Medicines indicated for Neuralgia:

  • Tylex ;
  • Mionevrix ;
  • Alginac ;
  • Citoneurin ;
  • Dexalgen ;
  • Paco ;
  • Profenid .

It is always recommended to consult the doctor before starting any treatment, especially those who use medications. The self-medication can be an attitude that will bring more severe problems in the future.

Attention! 

NEVER self-medicate or stop using a medication without first consulting a doctor. Only he will be able to tell which medication, dosage and duration of treatment is the most suitable for his specific case. The information contained on this site is only intended to inform, not in any way intended to replace the guidance of a specialist or serve as a recommendation for any type of treatment. Always follow the instructions on the package insert and, if symptoms persist, seek medical or pharmaceutical advice.

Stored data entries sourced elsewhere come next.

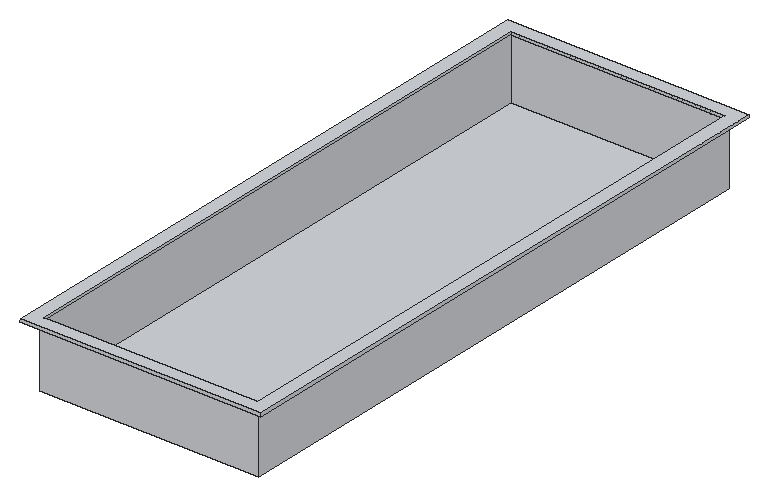
Revit family "Hager-Volta-IP30-Hollow_wall-vuoto-CH-it", category Electrical Equipment, host Face, Revit 2020
Family settings
  Host = Face
  Panel Configuration = Two Columns, Circuits Across
  Round Connector Dimension = Use Diameter
  Part Type = Panelboard
  Cut with Voids When Loaded = No
  Shared = No
  Room Calculation Point = No
Parameters (values of type "incassato  L330 A880 P94.5 12 Unità di divisione - VH60NK")
  Width Control [instance] = if([HG000006 - Ad incasso], if([EF000846 - larghezza di montaggio] > min_whd, [EF000846 - larghezza di montaggio], min_whd), if([EF000008 - Larghezza] > min_whd, ([EF000008 - Larghezza]), min_whd))  # 314 mm
  Void Depth [instance] = if([HG000006 - Ad incasso], Depth Control, 1 mm)  # 90 mm
  Type Comments = [HG000003 - Gamma]  # "Volta"
  System Height [instance] = Height Control - 2 * [HG000005 - Spessore]  # 840 mm
  Model = [HG000004 - Codice produttore]  # "VH60NK"
  HG000017 - Distanza tra i poli = 18 mm
  HG000016 - Visibilità delle porte nella vista 3D [instance] = yes
  HG000015 - Visibilità attraverso la porta [instance] = no
  HG000014 - Porta destra [instance] = yes
  HG000013 - Porta sinistra [instance] = not([HG000014 - Porta destra])  # no
  HG000012 - Angolo di apertura della porta [instance] = 45.00°
  HG000011 - File vuote nella parte basse = no
  HG000010 - Porte asimmetriche = no
  HG000009 - Porta doppia a battente = no
  HG000008 - Numero di file vuote = 0
  HG000007 - Numero di colonne vuote = 0
  HG000006 - Ad incasso = yes
  HG000005 - Spessore = 3 mm  # constant formula
  HG000004 - Codice produttore = "VH60NK"
  HG000003 - Gamma = "Volta"
  HG000002 - Con porta = no
  HG000001 - Numero di colonne = 0
  EF015941 - Segnale di passaggio porta = no
  EF015777 - Morsettiera neutra = no
  EF015776 - Morsettiera di terra = no
  EF009212 - esecuzione coperchio = "EV000116 - chiuso"
  EF006306 - con serratura = no
  EF006244 - coperchio/porta trasparente = no
  EF005474 - grado di protezione (IP) = ""
  EF004462 - tipo di chiusura = ""
  EF002950 - Numero moduli DIN = 12
  EF001596 - Attacco Lampada = "EV000139 - plastica"
  EF001134 - barra DIN = no
  EF001131 - profondità interna = 92 mm
  EF001088 - possibilità di applicazione = yes
  EF001062 - esecuzione EMC = yes
  EF000846 - larghezza di montaggio = 314 mm
  EF000339 - tipo di copertura = ""
  EF000332 - Altezza della parte incassata = 846 mm
  EF000266 - numero di file = 5
  EF000218 - profondità di incasso = 90 mm
  EF000118 - con piastra di montaggio = no
  EF000116 - numero RAL = "9010"
  EF000049 - profondità = 94 mm
  EF000040 - Altezza = 880 mm
  EF000008 - Larghezza = 330 mm
  EF000007 - colore = "EV000202 - bianco"
  EF000003 - Tipo di montaggio = "EV000128 - parete forata"
  Arrow Offset [instance] = Depth Control / 8  # 11.25 mm
  Arrow Height [instance] = Depth Control - Arrow Offset  # 78.75 mm
  Host Offset [instance] = if([HG000006 - Ad incasso], 0 mm, [EF000049 - profondità])  # 0 mm
  min_whd [instance] = (2 * [HG000005 - Spessore]) + 1 mm  # 7 mm
  Manufacturer = "Hager"  # constant formula
  Height Control [instance] = if([HG000006 - Ad incasso], if([EF000332 - Altezza della parte incassata] > min_whd, [EF000332 - Altezza della parte incassata], min_whd), if([EF000040 - Altezza] > min_whd, ([EF000040 - Altezza]), min_whd))  # 846 mm
  Flush Mounted - Door Frame Width [instance] = if(([EF000040 - Altezza] - [EF000332 - Altezza della parte incassata]) > 0 mm, if([HG000006 - Ad incasso], [EF000040 - Altezza] - [EF000332 - Altezza della parte incassata], 0 mm), 0 mm)  # 34 mm
  Depth Control [instance] = if([HG000006 - Ad incasso], if([EF000218 - profondità di incasso] > 0 mm, [EF000218 - profondità di incasso], 1 mm), if([EF000049 - profondità] > 0 mm, ([EF000049 - profondità]), 1 mm))  # 90 mm
  Default Elevation = 0 mm
Types (5, lengths in mm): name | System Height | Model | HG000004 - Codice produttore | EF000332 - Altezza della parte incassata | EF000266 - numero di file | EF000040 - Altezza | Height Control | Flush Mounted - Door Frame Width
  incassato  L330 A355 P94.5 12 Unità di divisione - VH12NK | 340 | "VH12NK" | "VH12NK" | 346 | 1 | 355 | 346 | 9
  incassato  L330 A484 P94.5 12 Unità di divisione - VH24NK | 465 | "VH24NK" | "VH24NK" | 471 | 2 | 484 | 471 | 13
  incassato  L330 A609 P94.5 12 Unità di divisione - VH36NK | 590 | "VH36NK" | "VH36NK" | 596 | 3 | 609 | 596 | 13
  incassato  L330 A734 P94.5 12 Unità di divisione - VH48NK | 715 | "VH48NK" | "VH48NK" | 721 | 4 | 734 | 721 | 13
  incassato  L330 A880 P94.5 12 Unità di divisione - VH60NK | 840 | "VH60NK" | "VH60NK" | 846 | 5 | 880 | 846 | 34
Reference planes
  plane 1 "Center (Front/Back)": y = 0
  plane 2: z = 0
  plane 3 "Center (Left/Right)": x = 0
  plane 4: z = 0
  plane 5: y = 37
  plane 6: z = -5
  plane 7: y = 457
  plane 8: y = 34
  plane 9: y = 880
  plane 10: z = -90
  plane 11: x = -157
  plane 12: x = 157
  plane 13: x = 154
  plane 14: x = -154
  plane 15: y = 877
  plane 16: z = -87
  plane 17: z = -3
  plane 18: z = -90
  plane 19: z = -3
Forms (mm)
  Extrusion 1, solid
    sketch origin (-583.045, 34, 1219.2) x (-1, 0, 0) y (0, 0, 1)
      loop
        line (-426.045, -1219.2) -> (-740.045, -1219.2) -> (-740.045, -1309.2) -> (-426.045, -1309.2) -> (-426.045, -1219.2)
    from 0 to 846 <- "Height Control"
  Extrusion 2, void
    sketch origin (-381.607, -4572, 0) x (0, -1, 0) y (-1, 0, 0)
      loop
        line (-5449, -227.607) -> (-5449, -535.607) -> (-4609, -535.607) -> (-4609, -227.607) -> (-5449, -227.607)
    from 0 to 87
  Extrusion 3, void
    sketch origin (0, 0, 0) x (1, 0, 0) y (0, 1, 0)
      loop
        line (-157, 34) -> (157, 34) -> (157, 880) -> (-157, 880) -> (-157, 34)
    from -90 to 1
  Extrusion 4, solid, detail levels coarse+medium
    sketch origin (-381.607, -4572, 0) x (-1, 0, 0) y (0, -1, 0)
      loop
        line (-227.607, -5449) -> (-227.607, -4609) -> (-535.607, -4609) -> (-535.607, -5449) -> (-227.607, -5449)
    from 0 to -3
Cuts and joins
  Extrusion 2 cuts Extrusion 1
Dimensions and locks
  plane 4 to plane 6 = 5 mm
  "Host Offset": plane 4 to host face
  "Flush Mounted - Door Frame Width": plane 1 "Center (Front/Back)" to plane 8
  "HG000005 - Spessore": plane 5 to plane 8
  locked: connector elem to plane 3 "Center (Left/Right)"
  "Height Control": plane 9 to plane 8
  equal spacing: plane 9, plane 7, plane 8
  locked: connector elem to plane 7
  "Depth Control": plane 4 to plane 10
  "HG000005 - Spessore": plane 11 to plane 14
  "HG000005 - Spessore": plane 12 to plane 13
  equal spacing: plane 11, plane 3 "Center (Left/Right)", plane 12
  "Width Control": plane 11 to plane 12
  "Arrow Offset": nested 4 to plane 10
  "HG000005 - Spessore": plane 9 to plane 15
  "HG000005 - Spessore": plane 16 to plane 10
  "HG000005 - Spessore": plane 4 to plane 17
  "Void Depth": plane 2 to plane 18
  "HG000005 - Spessore": plane 4 to plane 19
  aligned and locked: plane 2 to host face
  aligned and locked: level to host face
  aligned and locked: plane 3 "Center (Left/Right)" to nested 2
  aligned and locked: plane 4 to nested 2
  aligned and locked: nested 2 to plane 8
  aligned and locked: nested 1 to plane 6
  aligned and locked: plane 5 to nested 1
  aligned and locked: nested 4 to plane 11
  aligned and locked: nested 3 to plane 4
  aligned and locked: Extrusion 1 sketch curve to plane 12
  aligned and locked: Extrusion 1 sketch curve to plane 11
  aligned and locked: nested 3 to plane 10
  aligned and locked: plane 10 to Extrusion 1 sketch curve
  aligned and locked: plane 5 to Extrusion 2 sketch curve
  aligned and locked: Extrusion 2 sketch curve to plane 15
  aligned and locked: Extrusion 2 sketch curve to plane 14
  aligned and locked: Extrusion 2 sketch curve to plane 13
  aligned and locked: plane 11 to Extrusion 3 sketch curve
  aligned and locked: plane 9 to Extrusion 3 sketch curve
  aligned and locked: Extrusion 3 sketch curve to plane 8
  aligned and locked: plane 12 to Extrusion 3 sketch curve
  aligned and locked: nested 3 to plane 12
  aligned and locked: Extrusion 3 to plane 18
  aligned and locked: Extrusion 2 to plane 16
  aligned and locked: Extrusion 1 sketch curve to plane 4
  aligned and locked: Extrusion 4 to plane 17
  aligned and locked: Extrusion 4 sketch curve to plane 15
  aligned and locked: Extrusion 4 sketch curve to plane 13
  aligned and locked: Extrusion 4 sketch curve to plane 14
  aligned and locked: plane 5 to Extrusion 4 sketch curve
Automatic sketch dimensions
  host sketch curve to host sketch curve = 1469.727 mm
  host sketch curve to host sketch curve = 1434.803 mm
Nested families
  nested 1: "Hager_Enclosure_System" at (0, 37, -5) x (1, 0, 0) z (0, 1, 0), Depth <- "HG000005 - Spessore", Height <- "System Height", Width <- "EF000008 - Larghezza", Border <- "HG000005 - Spessore", Flush_Mounted <- "HG000006 - Ad incasso", Built-in_Width <- "EF000846 - larghezza di montaggio", Row_Module_Multiplicator <- "EF002950 - Numero moduli DIN", Total_No_Empty_Rows <- "HG000008 - Numero di file vuote", Total_No_Rows <- "EF000266 - numero di file", Empty_Columns <- "HG000007 - Numero di colonne vuote", Width_Control <- "Width Control", Empty_Rows_From_Bottom <- "HG000011 - File vuote nella parte basse", Distance_Between_Poles <- "HG000017 - Distanza tra i poli", Rows_Count <- "EF000266 - numero di file", Columns_Count <- "HG000001 - Numero di colonne", type "Hager_Enclosure_System", detail levels fine
    with Width_Control 314 mm, Width 330 mm, Total_No_Rows 5, Total_No_Empty_Rows 0, Total_No_Columns 1, System_Width 308 mm, Rows_Count 5, Rows_Column 5, Row_Module_Multiplicator 12, Panel_4 no, Panel_3 no, Panel_2 no, Panel_1 no, No_Panels_Ctrl 1, Hide_Columns yes, Height 840 mm, Flush_Mounted yes, Empty_Rows_From_Bottom no, Empty_Rows_Column 0, Empty_Columns 0, Distance_Between_Poles 18 mm, Depth 3 mm, Columns_Count 0, Column_Width 308 mm, Built-in_Width 314 mm, Border 3 mm
  nested 2: "Hager_Enclosure_Door" at (0, 34, 0) x (1, 0, 0) z (0, 1, 0), Border <- "HG000005 - Spessore", Door_Right <- "HG000014 - Porta destra", Flush_Mounted <- "HG000006 - Ad incasso", Depth <- "EF000049 - profondità", Width <- "EF000008 - Larghezza", Door_Left <- "HG000013 - Porta sinistra", 3d_Door <- "HG000016 - Visibilità delle porte nella vista 3D", BuiltIn_Width <- "EF000846 - larghezza di montaggio", BuiltIn_Height <- "EF000332 - Altezza della parte incassata", BuiltIn_Depth <- "EF000218 - profondità di incasso", Angle <- "HG000012 - Angolo di apertura della porta", Assymetrical <- "HG000010 - Porte asimmetriche", Double <- "HG000009 - Porta doppia a battente", Clearance <- "HG000015 - Visibilità attraverso la porta", Transparent <- "EF006244 - coperchio/porta trasparente", Door <- "HG000002 - Con porta", Height_Ctrl <- "Height Control", Width_Ctrl <- "Width Control", Height <- "EF000040 - Altezza", type "Hager_Enclosure_Door", detail levels medium+fine
    with min_wh 7 mm, Width_Ctrl 314 mm, Width 330 mm, Transparent_Door_No_Bottom_Border no, Transparent no, Leaf_Width 305 mm, Leaf_Tolerance 1.5 mm, Leaf_Height 837 mm, Leaf_2_Width 305 mm, Leaf_2_Offset 152.5 mm, Leaf_1_Width 305 mm, Leaf_1_Offset 152.5 mm, Height_Ctrl 846 mm, Height 880 mm, Frame_Width_Ctrl 16 mm, Frame_Width 16 mm, Frame_Internal_Offset 3 mm, Frame_Height_Ctrl 34 mm, Frame_Height 34 mm, Frame_Depth_Ctrl 4 mm, Frame_Depth 4 mm, Flush_Mounted yes, Double_Clearance_Ctrl no, Double no, Door_Right_Ctrl no, Door_Right yes, Door_Left_Ctrl no, Door_Left no, Door no, Depth 94 mm, Clearance_Depth 305 mm, Clearance_Ctrl no, Clearance no, BuiltIn_Width 314 mm, BuiltIn_Height 846 mm, BuiltIn_Depth 90 mm, Border 3 mm, Assymetrical no, Angle 45.00°, 3d_Door yes
  nested 3: "Hager_Enclosure_Symbol_Triangle" at (-157, 0, -90) x (1, 0, 0) z (0, -1, 0), Depth <- "Depth Control", Width <- "Width Control", type "Hager_Enclosure_Symbol_Triangle"
    with Width_Ctrl 314 mm, Width 314 mm, Depth_Ctrl 90 mm, Depth 90 mm
  nested 4: "Hager_Enclosure_Symbol_Arrow" at (-157, 0, -78.75) x (1, 0, 0) z (0, -1, 0), Height <- "Arrow Height", type "Hager_Enclosure_Symbol_Arrow"
    with Width_Inside 5.906 mm, Width 70.875 mm, Height_Ctrl 78.75 mm, Height 78.75 mm
Connectors
  electrical at (0, 457, -90)
    settings: on plane 10, index 1, voltage 0 V, apparent load 0 VA, apparent load phase1 0 VA, apparent load phase2 0 VA, apparent load phase3 0 VA, power factor 1, load classification "Other", number of poles 1, system type 30, power factor state 1, is connector primary yes, connector utility no, sub classification motor no, connector description ""
Definition of nested family "Hager_Enclosure_Door"
  Parameters (values of type "Hager_Enclosure_Door")
    min_wh [instance] = (2 * Border) + 1 mm  # 11 mm
    Width_Ctrl [instance] = 400 mm
    Width [instance] = 500 mm
    Transparent_Door_No_Bottom_Border [instance] = no
    Transparent [instance] = yes
    Leaf_Width [instance] = if((Width_Ctrl - 2 * Border - 2 * Leaf_Tolerance) > 0 mm, (Width_Ctrl - 2 * Border - 2 * Leaf_Tolerance), min_wh)  # 387 mm
    Leaf_Tolerance [instance] = 1.5 mm  # constant formula
    Leaf_Height [instance] = if((Height_Ctrl - 2 * Border - 2 * Leaf_Tolerance) > 0 mm, (Height_Ctrl - 2 * Border - 2 * Leaf_Tolerance), min_wh)  # 387 mm
    Leaf_2_Width [instance] = if(and(and(Double, Assymetrical), Door_Left), (Leaf_Width / 3) - (Leaf_Tolerance / 2), if(and(and(Double, Assymetrical), Door_Right), (Leaf_Width / 3) * 2 - (Leaf_Tolerance / 2), if(and(Double, not(Assymetrical)), (Leaf_Width / 2) - Leaf_Tolerance, Leaf_Width)))  # 387 mm
    Leaf_2_Offset [instance] = if(and(Double, Assymetrical), Leaf_2_Width / 2, if(and(Double, not(Assymetrical)), Leaf_Width / 4, Leaf_Width / 2))  # 193.5 mm
    Leaf_1_Width [instance] = if(and(and(Double, Assymetrical), Door_Right), (Leaf_Width / 3) - (Leaf_Tolerance / 2), if(and(and(Double, Assymetrical), Door_Left), (Width / 3) * 2 - (Leaf_Tolerance / 2), if(and(Double, not(Assymetrical)), (Leaf_Width / 2) - Leaf_Tolerance, Leaf_Width)))  # 387 mm
    Leaf_1_Offset [instance] = if(and(Double, Assymetrical), Leaf_1_Width / 2, if(and(Double, not(Assymetrical)), Leaf_Width / 4, Leaf_Width / 2))  # 193.5 mm
    Height_Ctrl [instance] = 400 mm
    Height [instance] = 500 mm
    Frame_Width_Ctrl [instance] = if(Frame_Width > 0 mm, Frame_Width, 1 mm)  # 1 mm
    Frame_Width [instance] = Width - BuiltIn_Width  # 0 mm
    Frame_Internal_Offset [instance] = if(Flush_Mounted, Border, 0 mm)  # 5 mm
    Frame_Height_Ctrl [instance] = if(Frame_Height > 0 mm, Frame_Height, 1 mm)  # 1 mm
    Frame_Height [instance] = Height - BuiltIn_Height  # 0 mm
    Frame_Depth_Ctrl [instance] = if(Frame_Depth > 0 mm, Frame_Depth, 1 mm)  # 1 mm
    Frame_Depth [instance] = if(Depth - BuiltIn_Depth > 0 mm, if(Flush_Mounted, Depth - BuiltIn_Depth, 0 mm), 0 mm)  # 0 mm
    Flush_Mounted [instance] = yes
    Double_Clearance_Ctrl [instance] = and(Double, Clearance)  # no
    Double [instance] = no
    Door_Right_Ctrl [instance] = and(or(Door_Right, Double), Door)  # yes
    Door_Right [instance] = yes
    Door_Left_Ctrl [instance] = and(or(Door_Left, Double), Door)  # no
    Door_Left [instance] = no
    Door [instance] = yes
    Depth [instance] = 500 mm
    Default Elevation = 1219.2 mm
    Clearance_Material = none
    Clearance_Depth [instance] = if(Leaf_1_Width > Leaf_2_Width, Leaf_1_Width, Leaf_2_Width)  # 387 mm
    Clearance_Ctrl [instance] = and(not(Double), Clearance)  # yes
    Clearance [instance] = yes
    BuiltIn_Width [instance] = 500 mm
    BuiltIn_Height [instance] = 500 mm
    BuiltIn_Depth [instance] = 500 mm
    Border [instance] = 5 mm
    Assymetrical [instance] = yes
    Angle [instance] = 30.00°
    3d_Door [instance] = yes
  Reference planes
    plane 1 "Center (Front/Back)": y = 0
    plane 2 "Bottom": z = 0
    plane 3 "Center (Left/Right)": x = 0
    plane 4: z = 400
    plane 5: x = -200
    plane 6: x = 200
    plane 7: z = 395
    plane 8: x = -195
    plane 9: z = 5
    plane 10: x = 195
    plane 11: y = 0
    plane 12: z = 6.5
    plane 13: x = -582
    plane 14: y = -387
    plane 15: x = 582
    plane 16: x = 0
    plane 17: x = 0
    plane 18: x = -193.5
    plane 19: x = 193.5
    plane 20: z = 393.5
  Forms (mm)
    Extrusion 1, solid, visible <- "Flush_Mounted"
      sketch origin (0, 0, 0) x (1, 0, 0) y (0, 0, 1)
        loop
          line (195, 5) -> (195, 395) -> (-195, 395) -> (-195, 5) -> (195, 5)
        loop
          line (-201, 401) -> (-201, -1) -> (201, -1) -> (201, 401) -> (-201, 401)
      from 0 to 1 <- "Frame_Depth_Ctrl"
    Extrusion 2, solid, material <- "Clearance_Material", visible <- "Double_Clearance_Ctrl"
      sketch origin (1200, 0, 0) x (1, 0, 0) y (0, 0, -1)
        loop
          line (-1782, -393.5) -> (-618, -393.5) -> (-618, 0) -> (-1782, 0) -> (-1782, -393.5)
      from 0 to -387
  Dimensions and locks
    equal spacing: plane 5, plane 3 "Center (Left/Right)", plane 6
    "Width_Ctrl": plane 5 to plane 6
    "Border": plane 5 to plane 8
    "Border": plane 6 to plane 10
    "Border": plane 9 to level
    "Border": plane 4 to plane 7
    "Height_Ctrl": plane 4 to level
    "Leaf_Tolerance": plane 12 to plane 9
    "Frame_Depth": plane 11 to plane 1 "Center (Front/Back)"
    "Frame_Width_Ctrl": plane 5 to Extrusion 1 sketch curve
    "Frame_Width_Ctrl": plane 6 to Extrusion 1 sketch curve
    "Frame_Width_Ctrl": Extrusion 1 sketch curve to plane 4
    "Frame_Width_Ctrl": plane 2 "Bottom" to Extrusion 1 sketch curve
    "Leaf_1_Offset": plane 18 to plane 16
    "Leaf_2_Offset": plane 17 to plane 19
    "Leaf_1_Width": plane 13 to plane 8
    "Leaf_2_Width": plane 10 to plane 15
    "Clearance_Depth": plane 14 to plane 1 "Center (Front/Back)"
    "Leaf_Tolerance": plane 8 to plane 18
    "Leaf_Tolerance": plane 19 to plane 10
    "Leaf_Tolerance": plane 7 to plane 20
    "Frame_Internal_Offset": plane 5 to Extrusion 1 sketch curve
    "Frame_Internal_Offset": Extrusion 1 sketch curve to plane 2 "Bottom"
    "Frame_Internal_Offset": plane 6 to Extrusion 1 sketch curve
    "Frame_Internal_Offset": plane 4 to Extrusion 1 sketch curve
    aligned and locked: level to plane 2 "Bottom"
    aligned and locked: nested 1 to plane 16
    aligned and locked: nested 2 to plane 17
    aligned and locked: Extrusion 2 to plane 13
    aligned and locked: plane 15 to Extrusion 2
    aligned and locked: Extrusion 2 to plane 14
    aligned and locked: plane 12 to nested 1
    aligned and locked: nested 2 to plane 12
    aligned and locked: Extrusion 2 to plane 11
    aligned and locked: plane 20 to Extrusion 2
    aligned and locked: nested 2 to plane 11
    aligned and locked: nested 1 to plane 11
  Automatic sketch dimensions
    Extrusion 2 sketch curve to level = 0 mm
    plane 5 to Extrusion 2 sketch curve = 382 mm
    plane 6 to Extrusion 2 sketch curve = 382 mm
    Extrusion 2 sketch curve to plane 4 = 6.5 mm
  Nested families
    nested 1: "Hager_Enclosure_Door_Leaf" at (0, 0, 6.5), Width <- "Leaf_1_Width", visible <- "Door_Left_Ctrl", Leaf_Height <- "Leaf_Height", Angle <- "Angle", Depth <- "Border", 3d_Door <- "3d_Door", Transparent <- "Transparent", Clearance Material <- "Clearance_Material", Clearance <- "Clearance_Ctrl", Transparent_Door_No_Bottom_Border <- "Transparent_Door_No_Bottom_Border", type "Hager_Enclosure_Door_Leaf"
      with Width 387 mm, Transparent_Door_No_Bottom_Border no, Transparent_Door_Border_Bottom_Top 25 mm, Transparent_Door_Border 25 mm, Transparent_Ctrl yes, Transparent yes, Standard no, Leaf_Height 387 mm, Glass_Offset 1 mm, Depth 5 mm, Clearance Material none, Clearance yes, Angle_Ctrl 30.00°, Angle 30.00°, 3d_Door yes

Prognosis: living with the problem

Most complications occur due to untreated neuralgia. Find out which are the main ones:

  • Disability due to pain;
  • Surgical complication;
  • Perform unnecessary dental procedures before neuralgia is diagnosed;
  • Side effects of medications used to control pain.

Although the pain is very severe, the problem does not usually bring other health problems. The indicated is to look for a specialized professional so that he can find the best treatment.

Prevention

To prevent the disease, you need to control other problems, such as diabetes and chronic kidney failure. Also controlling blood glucose can prevent damage to patients with diabetes.

Herpes-zoster patients can use antiviral drugs and also the application of a vaccine may be necessary to prevent neuralgia.